= Russell Mills (publisher) =

Canadian former media executive

Russell Andrew Mills (born July 14, 1944 in St. Thomas, Ontario) is a Canadian former media executive and a leader and advisor of several societies. Mills worked in the Ottawa Citizen for 31 years, the last 16 as the newspaper's publisher.

==Newspaper industry==
Russell Mills began his career in journalism part-time from 1964 to 1967 at the London Free Press while studying sociology at the University of Western Ontario. He worked in the Oshawa Times between 1970-1971, before joining the Ottawa Citizen as a copyeditor. Starting from 1977, he had advanced from editor, then general manager in 1984, becoming publisher in 1986. He later became president responsible for 17 daily and many weekly newspapers distributed by the national Southam Newspaper Group, before returning to the Citizen.

In 1996, Conrad Black's Hollinger media group bought the controlling interest in Southam, which led to what was dubbed as a "renaissance" for the Citizen. Although not a national or Toronto-based paper, the Citizen was perceived as Southam's flagship, albeit in decline in the lead-up to Black's purchase. To address the 24 percent drop to 134,266 in weekday circulation over the previous four years, Mills met with Black at New York's Carlyle Hotel to discuss new directions. A few days later in an article in The Globe and Mail, Black described the changes he envisioned to the "overwhelming avalanche of soft, left, bland, envious pap which has poured like sludge through the centre pages of most of the Southam papers for some time."

Mills' plan called for less reliance on government and news-wire services in favour of original, authoritative content about local issues or industries that were of interest to readers. Neil Reynolds was hired as the Citizen's editor in December 1996 as part of the change.

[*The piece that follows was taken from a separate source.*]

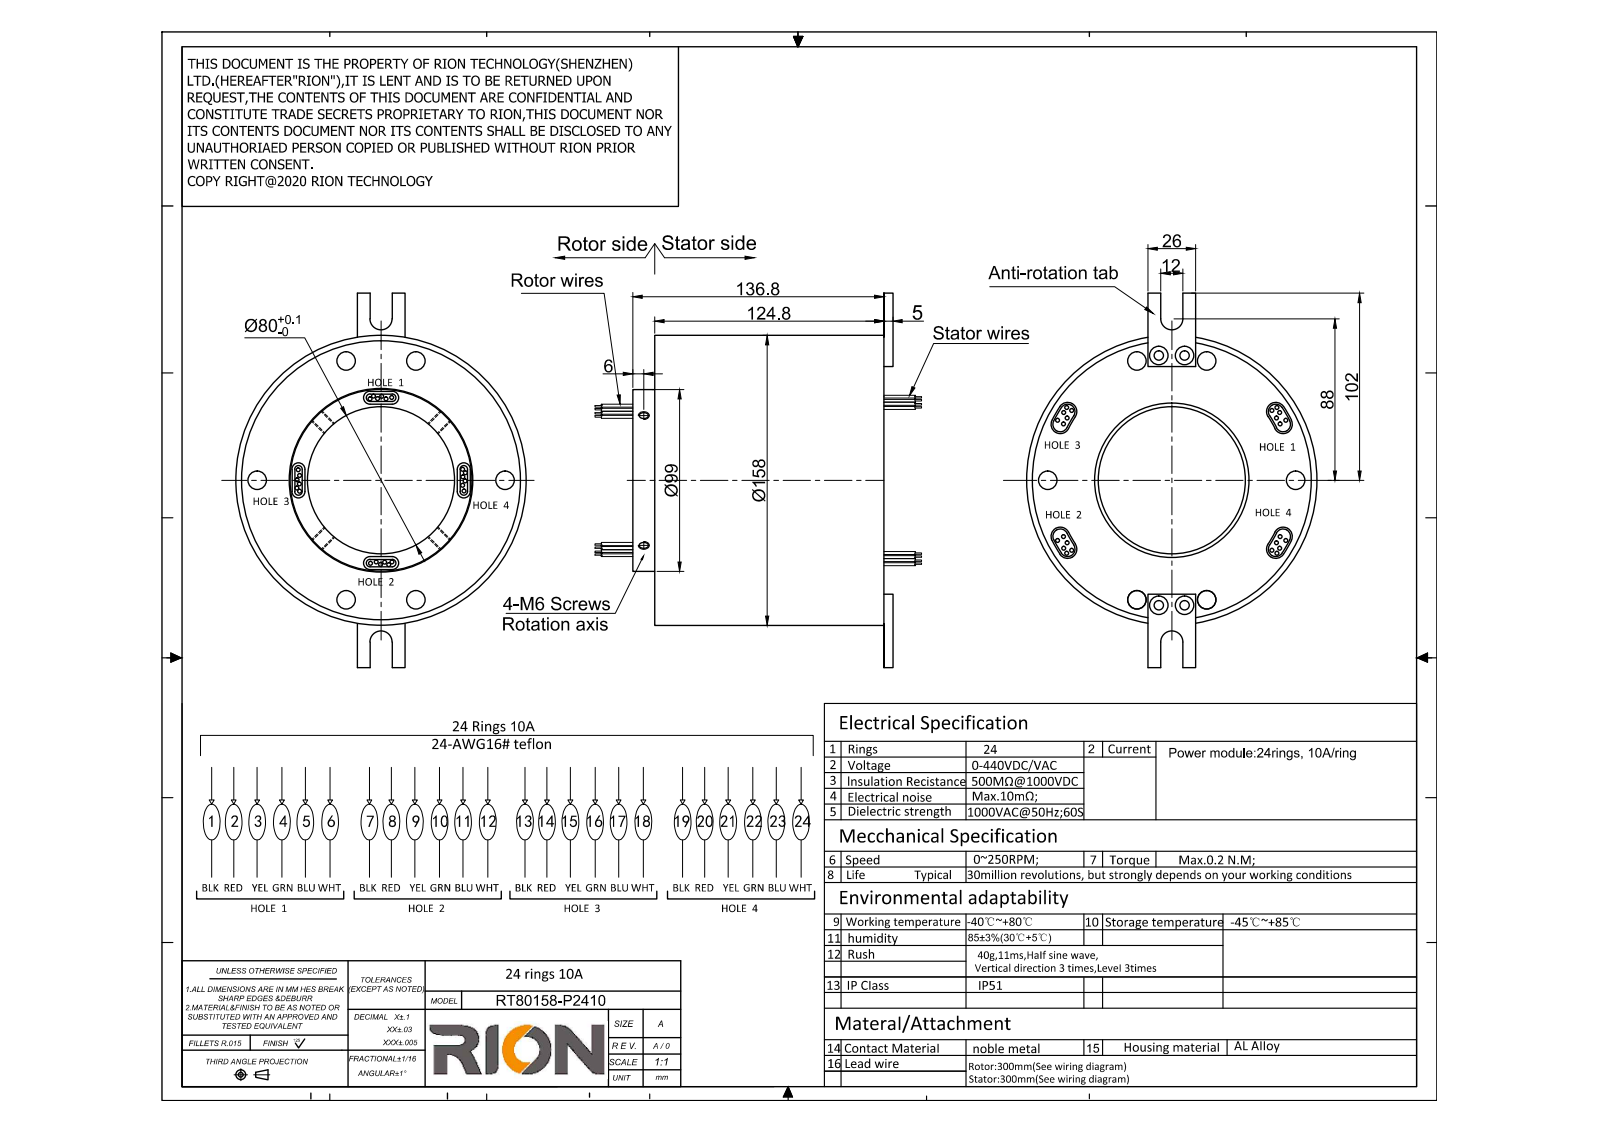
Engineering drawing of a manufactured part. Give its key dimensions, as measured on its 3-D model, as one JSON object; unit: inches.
{"part_name": "MT80158-P2410", "step_written_by": "SolidWorks 2014 (CONFIG_CONTROL_DESIGN)", "units": "inches", "bodies": {"solids": 1, "faces": 284, "planar": 106, "cylindrical": 162, "other": 16}, "overall_size": [8.063, 8.031, 6.22], "volume_in3": 113.7, "surface_area_in2": 237, "round_holes": [[0.197, 8], [0.165, 4], [3.15, 1], [3.701, 1], [5.984, 1]], "round_bosses_or_shafts": [[0.083, 48], [6.22, 1], [5.976, 1], [3.898, 1], [3.693, 1]], "partial_cylinders_radius": [[0.079, 8], [0.157, 8], [0.236, 2]], "face_to_face_distances": [4.913, 0.472, 5.386, 0.197, 5.583, 5.11, 0.039, 5.346, 1.024, 4.874], "hole_center_spacings": [2.691, 0.551, 5.354, 5.383]}

==2002 dismissal controversy==
In 2002, Mills (then 57) was dismissed from the Citizen by CanWest Global Communications Corporation, following a publication of a story critical of Prime Minister Jean Chrétien and an editorial calling for Chrétien's resignation. The story was published the same day that CanWest Global chairman Izzy Asper had a meeting with Chrétien at the Parliamentary Press Gallery Dinner.

Mills claimed that he was dismissed because he failed to obtain approval from CanWest before publishing the editorial. However, CanWest's Leonard Asper, who was interviewed by the Canadian Broadcasting Corporation, said that the termination of Mills was a result of multiple violations over a period of time of principles and policies that had been set out for, and developed collaboratively with, the editors & publishers of their newspapers. Also, that he had allowed his editorial opinion to affect the news coverage at the Citizen and that under his leadership, the paper had become "homogeneous".

The dismissal generated a strong reaction in the Ottawa community and throughout Canada over concerns of press freedom and independence from corporate influence. On the day after the firing, former Councillor Karin Howard organized a protest in front of the Citizen building where five prominent individuals spoke against the firing." Reporters at the Citizen withheld their bylines from stories, Ottawa city council members denounced the firing, and some members of Parliament called for an investigation into the relationship between CanWest and Chrétien's Liberal Party government.

Within a week of his dismissal, 5,000 subscriptions were cancelled. In Parliament, NDP leader Alexa McDonough stated: "Russell Mills was fired because the Prime Minister's buddy happened to be his boss... That is downright dangerous to democracy. We need a full public inquiry into media concentration, ownership and convergence."

==Post-journalism==
After dismissal from the Ottawa Citizen, Mills became a Nieman Fellow at Harvard University. In 2002, Mills received an Honorary Doctor of Laws degree from Carleton University for services to the community and the newspaper industry; he was also awarded with the Queen’s Golden Jubilee Medal for services to Canada. Mills joined Algonquin College in 2003 as Dean of the Faculty of Arts, Media and Design.

In 2007, Mills was appointed (and reappointed in 2012) chairman of the National Capital Commission (NCC). The NCC is responsible for planning and participating in the development, conservation, and improvement of Canada's capital region. Before his appointment, Mills had criticized NCC for its secrecy.

Mills is president of the Michener Awards Foundation for public service journalism, a director of the Canadian Film Institute and of the Canadian Battlefields Foundation and an adjudicator on the Canadian Broadcast Standards Council.